From your set of results, you can:
- Browse through the listing for data.
- Use a Filter in the left column to narrow the search.
- Add an additional search term to 'bathymetry' in the text search box.
- Use the map to search for 'bathymetry' in a specific location.
- Delete the 'bathymetry' search term and start a brand new search.
Adding an Additional Query to Text Searches
Add an additional search term (e.g. Monterey Bay) and the results will narrow to include results with terms, 'bathymetry' AND 'Monterey Bay'.
The final results might be narrowed down as a result of including both terms in the search. If you are looking for a very specific concept, it use “quotation marks” around the phrase to search for the exact wording.
There are two ways to conduct a geospatial search on datasets:
- Geospatial keywords that describe the area of study (e.g. Alaska, Bakken Formation, Acadia National Park, Gulf of Mexico).
- Bounding box coordinates that give the limits of coverage of a dataset.
Geospatial keyword searches work best when searching for data from a very specific location. Research studies that are localized are usually described by metadata that contain those location terms in the Title, Abstract, and Keyword fields of the metadata. Search for geospatial keywords with the text search query.Bounding coordinates ("limit search by location")
Search against the bounding coordinates when looking for datasets for a more general geographic area, and not a very specific named place.
Draw a bounding box on the map to specify area of interest, or to use dropdown menus to select pre-defined areas for U.S. states, countries, and major water bodies.Limit Search By Location Examples:
Example 1 Example 2
How to Contribute to the Science Data Catalog
The decision to contribute USGS metadata records to the Science Data Catalog begins at the science center or program level. Follow the steps below to help ensure that metadata meet all requirements and configurations for inclusion into the Science Data Catalog.
The metadata record(s):
- Must be in Extensible Markup Language (XML) file format to be machine readable (i.e. not a word document or pdf).
- Must follow the Federal Geographic Data Committee's (FGDC) endorsed Content Standard for Digital Geospatial Metadata (CSDGM).

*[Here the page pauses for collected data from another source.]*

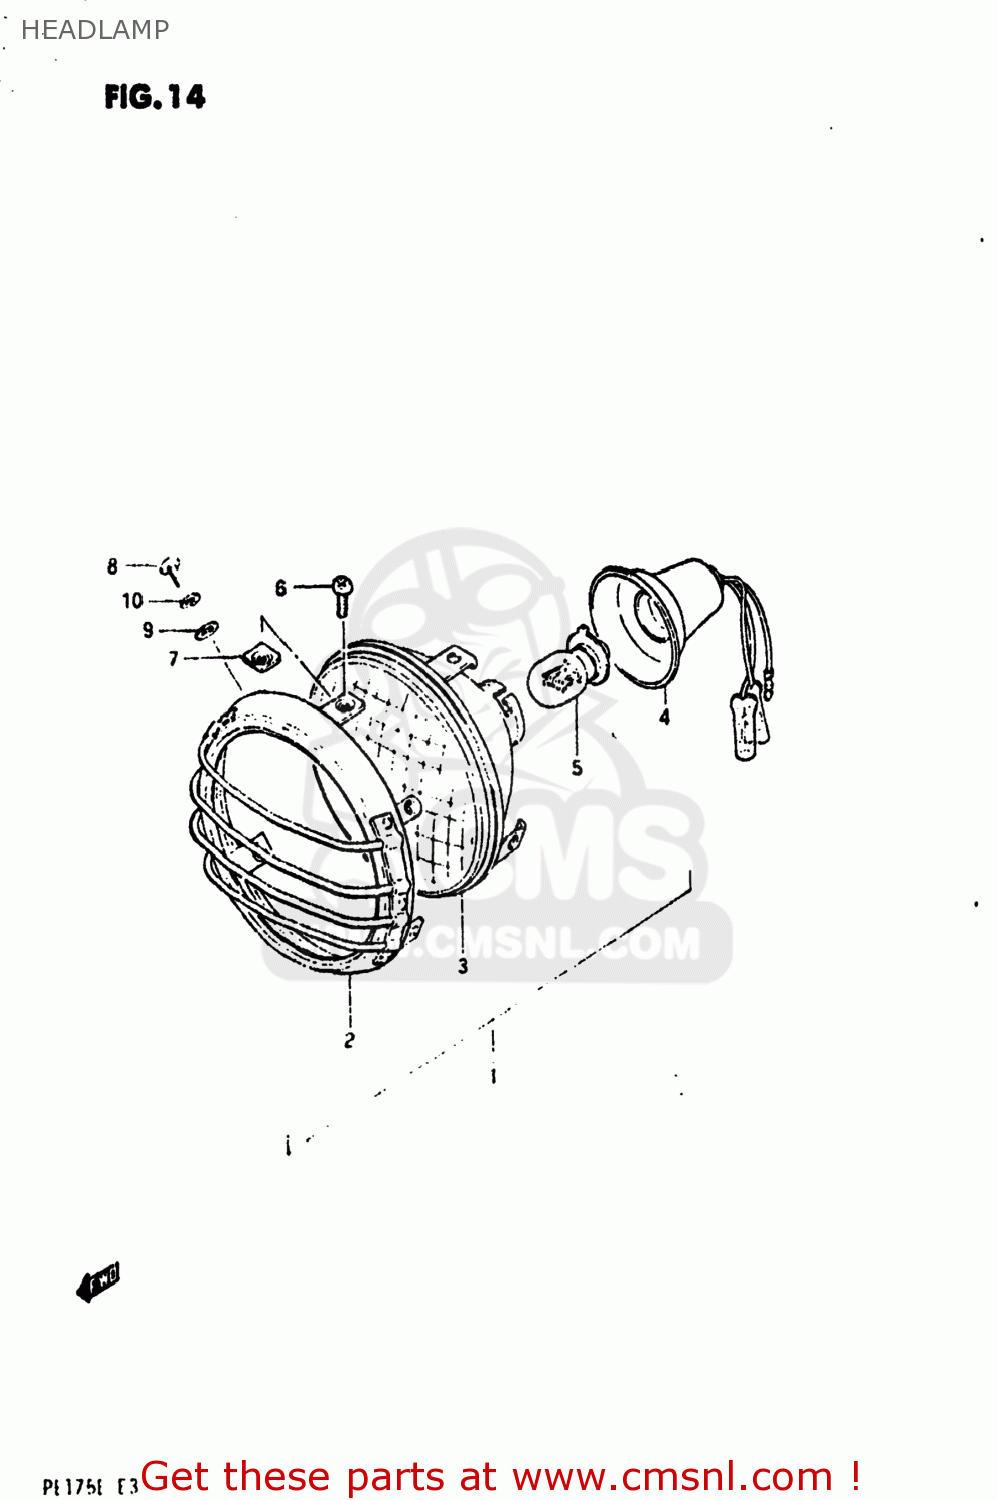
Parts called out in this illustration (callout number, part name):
1	LAMP ASSEMBLY,HEAD
2	RIM,HEADLAMP
3	LAMP UNIT
4	SOCKET,HEADLAMP
5	BULB(6V15/15W/STANLEY,A3598HA)
6	SCREW
7	NUT
8	SCREW
9	WASHER
10	LOCK WASHER

The USGS Data Management Website provides non-prescriptive data management guidance, best practices, tools, and resources in one convenient location. Learn to create metadata resources to contribute to the USGS Science Data Catalog. To learn more about metadata standards and metadata creation, see the About page.
The Science Data Catalog harvests metadata records from online sources. Metadata intended for inclusion in the Catalog should be organized in a single online source for harvest. Centers and programs can provide their metadata collections to the Catalog from their own public servers, or leverage a remote data management platform to manage and serve their records.

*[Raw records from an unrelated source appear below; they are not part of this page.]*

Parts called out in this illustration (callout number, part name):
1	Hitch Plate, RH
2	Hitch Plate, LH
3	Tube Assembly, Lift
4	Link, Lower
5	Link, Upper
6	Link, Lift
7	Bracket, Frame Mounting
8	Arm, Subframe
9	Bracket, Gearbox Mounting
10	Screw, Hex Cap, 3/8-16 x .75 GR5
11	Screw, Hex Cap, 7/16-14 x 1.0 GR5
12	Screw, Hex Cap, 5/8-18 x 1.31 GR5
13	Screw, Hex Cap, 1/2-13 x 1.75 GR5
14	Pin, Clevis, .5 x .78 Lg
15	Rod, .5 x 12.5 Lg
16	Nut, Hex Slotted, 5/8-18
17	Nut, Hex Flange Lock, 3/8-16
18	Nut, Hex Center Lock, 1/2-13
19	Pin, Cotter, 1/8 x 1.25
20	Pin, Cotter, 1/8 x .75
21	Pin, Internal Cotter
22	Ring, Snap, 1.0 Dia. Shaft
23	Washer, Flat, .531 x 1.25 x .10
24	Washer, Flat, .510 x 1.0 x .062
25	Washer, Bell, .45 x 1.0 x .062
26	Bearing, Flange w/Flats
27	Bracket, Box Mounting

The Science Data Catalog can harvest metadata record(s) from three types of sources:
- Web Accessible Folder (WAF): A URL address that is an online public folder containing the metadata record(s) for harvest. Use this option if all metadata records are stored in one online location.
- Site Map XML: A URL address of a Site Map XML file that lists the URLs of metadata records hosted from multiple online locations. Use this option if the metadata are stored in different online locations or in a metadata catalog.

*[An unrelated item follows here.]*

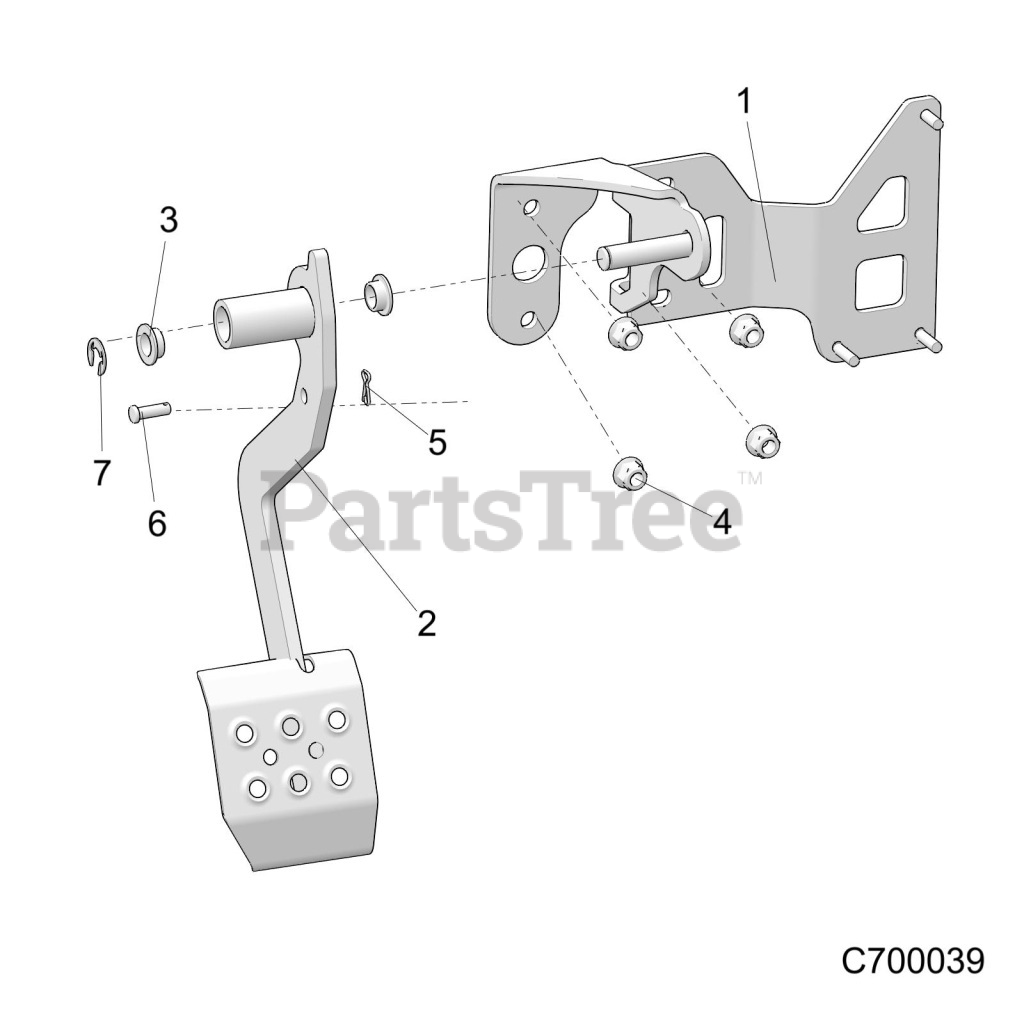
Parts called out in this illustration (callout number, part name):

- ScienceBase: This is a collaborative data management platform for USGS and its partners which can host XML metadata on ScienceBase item pages. First contact email@example.com to get started.
Once your FGDC CSDGM or ISO XML metadata is hosted in a WAF or a sitemap please contact firstname.lastname@example.org to complete the connection to SDC. For ScienceBase, the ScienceBase Data Release Team will work with you to establish the connection upon release of your data in ScienceBase (to ensure that incomplete or unreleased records are not passed to the SDC). Please refer to the ScienceBase Data Release page for instructions.